Oberstabsarzt Fabian Spies schaut der Gruppe zu. Ziel sei es, einfache Handgriffe zu vermitteln, die auch dann umgesetzt werden könnten, wenn nur wenig Material vorhanden ist, so Spies.
„Die Soldaten wissen teilweise schon, dass man mit einem Gewehrriemen oder Gürtel eine Blutung stoppen kann“, hat Spies in den vergangenen Tagen beobachtet. Jetzt sollen diese Grundkenntnisse ausgebaut werden.
Eine solche Grundausbildung in Erster Hilfe sollen nach Möglichkeit alle 2600 Soldaten, die die EUTM-Ausbildung durchlaufen, bis zum derzeit geplanten Ende der Mission im Februar 2014 erhalten. Weitaus spezieller sollen allerdings die Rettungssanitäter und Ärzte weitergebildet werden.
Die malischen Soldaten können sich auch im mobilen Krankenhaus umschauen, in dem auch die Rettungssanitäter ausgebildet werden sollen. Hauptmann Jörg Hein führt durch die Räume des aufblasbaren Krankenhauses mit verschiedenen Abteilungen. Im Ernstfall sollen hier verletzte Soldaten behandelt werden.
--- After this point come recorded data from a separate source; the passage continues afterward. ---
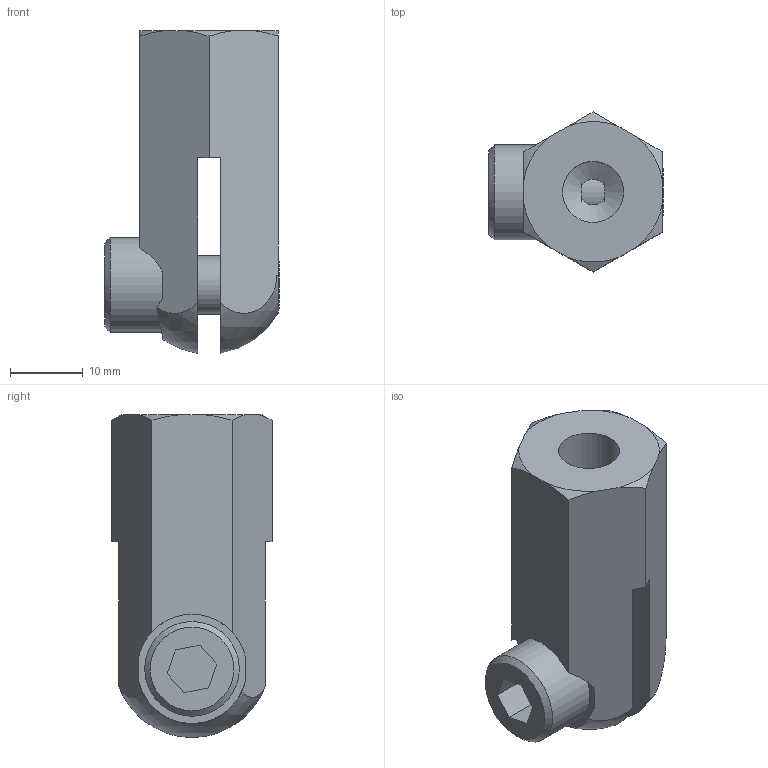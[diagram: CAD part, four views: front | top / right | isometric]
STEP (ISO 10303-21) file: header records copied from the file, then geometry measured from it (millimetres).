
FILE_DESCRIPTION(/* description */ (''),/* implementation_level */ '2;1');
FILE_NAME(/* name */ 'C:\Users\owner\Desktop\PL-ADAPTERS_3D_stp\PL-BKADPT.stp',/* time_stamp */ '2017-10-04T09:17:27-04:00',/* author */ ('owner'),/* organization */ (''),/* preprocessor_version */ 'ST-DEVELOPER v16.5',/* originating_system */ 'Autodesk Inventor 2017',/* authorisation */ '');
FILE_SCHEMA (('CONFIG_CONTROL_DESIGN'));
Length unit declared in the file: inch
Products named in the file (3): PL-BKADPT; 60027; 60040
Assembly tree (2 placements, depth 2):
  PL-BKADPT
    60027
    60040
Bounding box: 24 x 22 x 44.33 mm (x, y, z)
Volume: 11068.7 mm3; surface area: 5664.3 mm2
Topology: 2 solids, 2 shells, 43 faces, 111 edges, 73 vertices
Faces by surface type: plane 24, cone 9, cylinder 8, sphere 2
Full cylindrical faces by diameter (mm): 6.655 x1, 8 x1, 8.382 x1, 10.008 x1, 13 x1
Entity records: 1370 total; most frequent: CARTESIAN_POINT 264, DIRECTION 220, ORIENTED_EDGE 204, EDGE_CURVE 102, AXIS2_PLACEMENT_3D 86, VERTEX_POINT 72, EDGE_LOOP 58, LINE 48
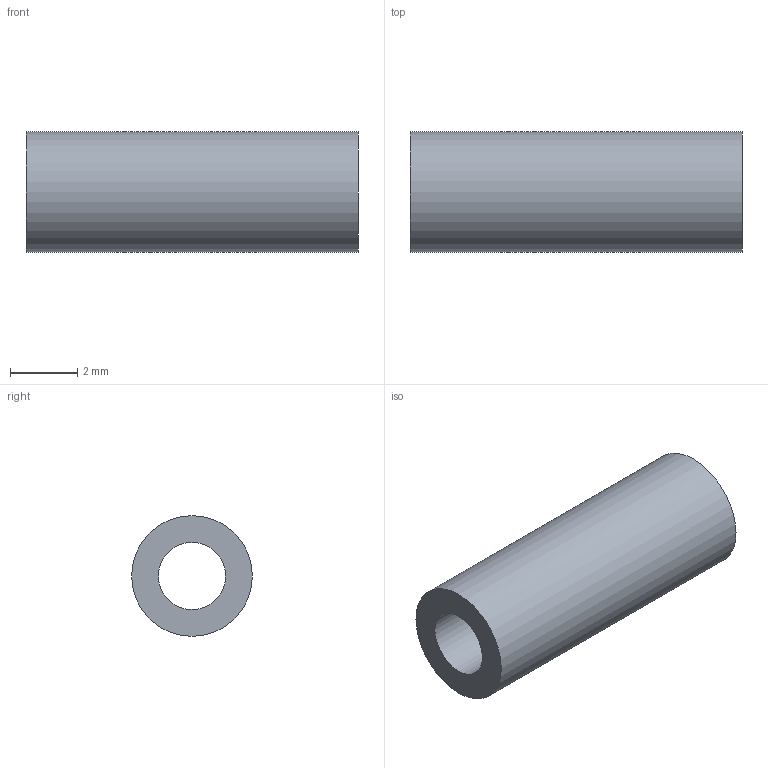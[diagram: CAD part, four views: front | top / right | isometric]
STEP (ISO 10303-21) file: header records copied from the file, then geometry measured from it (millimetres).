
FILE_DESCRIPTION(/* description */ ('STEP AP242','CAx-IF Rec.Pracs.---Representation and Presentation of Product Manufacturing Information (PMI)---4.0---2014-10-13','CAx-IF Rec.Pracs.---3D Tessellated Geometry---0.4---2014-09-14','2;1'),/* implementation_level */ '2;1');
FILE_NAME(/* name */ 'Body - Part 3',/* time_stamp */ '2025-06-15T22:21:49Z',/* author */ (''),/* organization */ (''),/* preprocessor_version */ 'ST-DEVELOPER v20',/* originating_system */ 'ONSHAPE BY PTC INC, 1.199',/* authorisation */ ' ');
FILE_SCHEMA (('AP242_MANAGED_MODEL_BASED_3D_ENGINEERING_MIM_LF { 1 0 10303 442 1 1 4 }'));
Length unit declared in the file: metre
Products named in the file (1): Part 3
Bounding box: 9.9 x 3.6 x 3.6 mm (x, y, z)
Volume: 69.7 mm3; surface area: 188.2 mm2
Topology: 1 solids, 1 shells, 4 faces, 6 edges, 4 vertices
Faces by surface type: cylinder 2, plane 2
Full cylindrical faces by diameter (mm): 2 x1, 3.6 x1
Entity records: 110 total; most frequent: DIRECTION 18, CARTESIAN_POINT 13, AXIS2_PLACEMENT_3D 9, ORIENTED_EDGE 8, EDGE_LOOP 8, FACE_BOUND 8, EDGE_CURVE 4, VERTEX_POINT 4
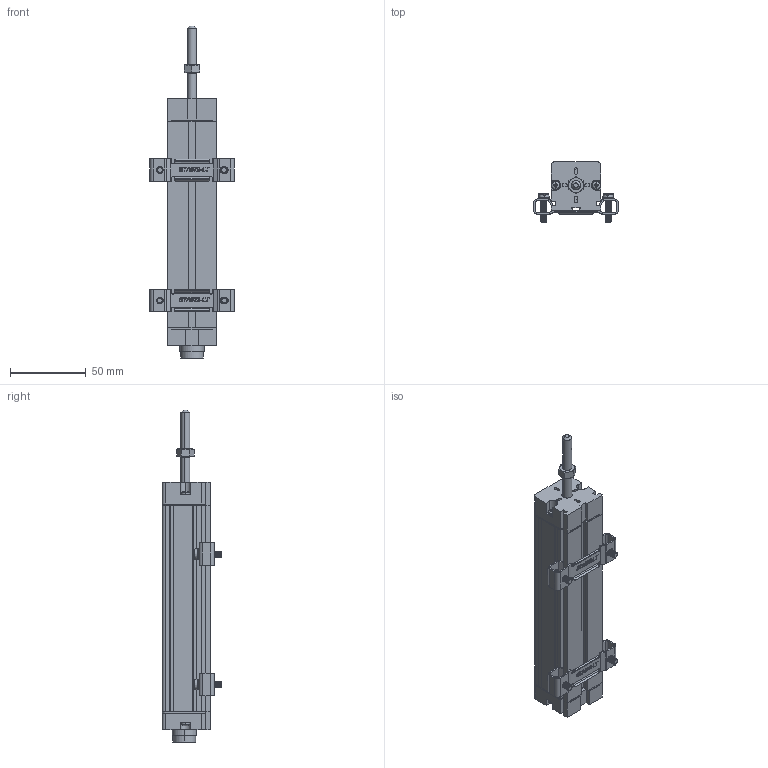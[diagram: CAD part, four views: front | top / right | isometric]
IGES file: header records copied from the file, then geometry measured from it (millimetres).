
Start section: SolidWorks IGES file using analytic representation for surfaces
Global section: file name: \\srv4gefran\dir-cat\Disegni Catalogo\Posizione\LTV2\LT-M-0100-S\3D\Solidworks 2015\LT-B-0100-S\LT-B-0100-S.IGS; native system: SolidWorks 2015; preprocessor: SolidWorks 2015; author: Loda-w1; date: 160531.162113; units: millimetre
Bounding box: 56 x 39.7 x 219.71 mm (x, y, z)
Surface area: 52593.3 mm2 (no closed solid volume)
Topology: 0 solids, 0 shells, 2139 faces, 40168 edges, 51092 vertices
Faces by surface type: revolution 1380, bspline 759
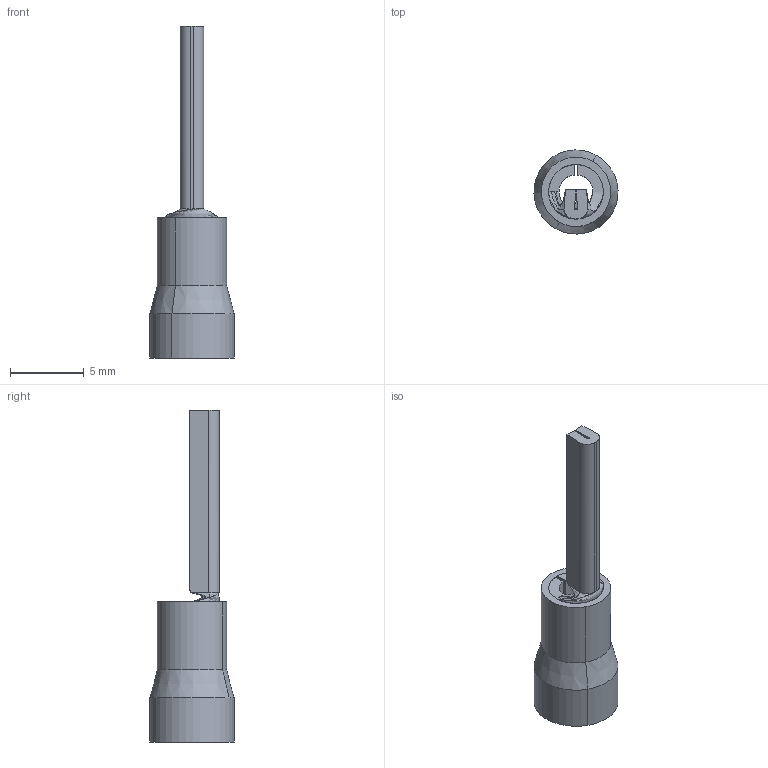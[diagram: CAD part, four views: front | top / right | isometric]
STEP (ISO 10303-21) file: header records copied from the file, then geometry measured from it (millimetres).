
FILE_DESCRIPTION (( 'STEP AP214' ), '1' );
FILE_NAME ('278019 OptiKit T-Shk-PVC-1,5-2,5.STEP', '2020-02-19T10:40:29', ( '' ), ( '' ), 'SwSTEP 2.0', 'SolidWorks 2018', '' );
FILE_SCHEMA (( 'AUTOMOTIVE_DESIGN' ));
Length unit declared in the file: millimetre
Products named in the file (3): Îïëåòêà 4,7; 阹糔 1,5-2,5; 278019 OptiKit T-Shk-PVC-1,5-2,5
Assembly tree (2 placements, depth 2):
  278019 OptiKit T-Shk-PVC-1,5-2,5
    阹糔 1,5-2,5
    Îïëåòêà 4,7
Bounding box: 5.7 x 5.7 x 22.5 mm (x, y, z)
Volume: 131.8 mm3; surface area: 520.5 mm2
Topology: 3 solids, 3 shells, 47 faces, 110 edges, 69 vertices
Faces by surface type: plane 15, cylinder 14, bspline 14, cone 4
Entity records: 1902 total; most frequent: CARTESIAN_POINT 788, ORIENTED_EDGE 220, DIRECTION 183, EDGE_CURVE 110, VERTEX_POINT 69, AXIS2_PLACEMENT_3D 66, LINE 51, VECTOR 51
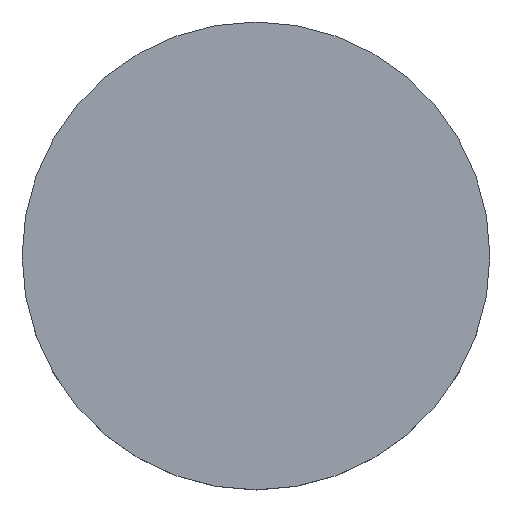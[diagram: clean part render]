
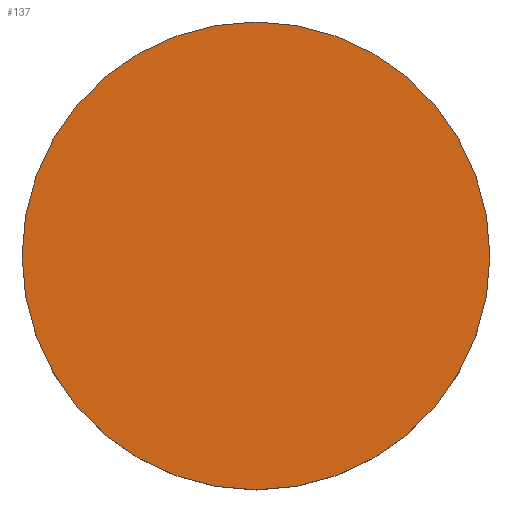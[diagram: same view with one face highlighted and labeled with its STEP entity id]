
A CAD part, top view. The second image highlights one B-rep face of the part: STEP entity #137.
In plain terms, the highlighted planar face has unit normal (0, 0, 1).
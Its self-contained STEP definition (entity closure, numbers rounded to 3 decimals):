
#72=CARTESIAN_POINT('Vertex',(132.044,46.972,20.)) ;
#86=CARTESIAN_POINT('Vertex',(1.423,46.972,20.)) ;
#89=CARTESIAN_POINT('Axis2P3D Location',(66.733,46.972,20.)) ;
#106=CARTESIAN_POINT('Axis2P3D Location',(66.733,46.972,20.)) ;
#128=CARTESIAN_POINT('Axis2P3D Location',(0.,0.,20.)) ;
#90=DIRECTION('Axis2P3D Direction',(0.,0.,1.)) ;
#107=DIRECTION('Axis2P3D Direction',(0.,0.,1.)) ;
#129=DIRECTION('Axis2P3D Direction',(0.,0.,1.)) ;
#130=DIRECTION('Axis2P3D XDirection',(1.,0.,0.)) ;
#91=AXIS2_PLACEMENT_3D('Circle Axis2P3D',#89,#90,$) ;
#108=AXIS2_PLACEMENT_3D('Circle Axis2P3D',#106,#107,$) ;
#131=AXIS2_PLACEMENT_3D('Plane Axis2P3D',#128,#129,#130) ;
#134=ORIENTED_EDGE('',*,*,#93,.T.) ;
#135=ORIENTED_EDGE('',*,*,#110,.T.) ;
#137=ADVANCED_FACE('Hauptk\X2\00F6\X0\rper',(#136),#132,.T.) ;
#92=CIRCLE('generated circle',#91,65.31) ;
#109=CIRCLE('generated circle',#108,65.31) ;
#93=EDGE_CURVE('',#73,#87,#92,.T.) ;
#110=EDGE_CURVE('',#87,#73,#109,.T.) ;
#133=EDGE_LOOP('',(#134,#135)) ;
#136=FACE_OUTER_BOUND('',#133,.T.) ;
#132=PLANE('Plane',#131) ;
#73=VERTEX_POINT('',#72) ;
#87=VERTEX_POINT('',#86) ;

Doch hier in Koulikoro geht niemand davon aus, dass es zu solchen Szenarien kommen wird. Die Bundeswehr betont immer wieder, dass sich der Einsatz nicht mit dem in Afghanistan vergleichen lasse. „Die Bedrohungslage bewerten wir hier als sehr gering“, sagt Alexander Müller-Cramer, Kontingentführer in Mali. Es gebe keine Anzeichen für eine konkrete Gefährdung.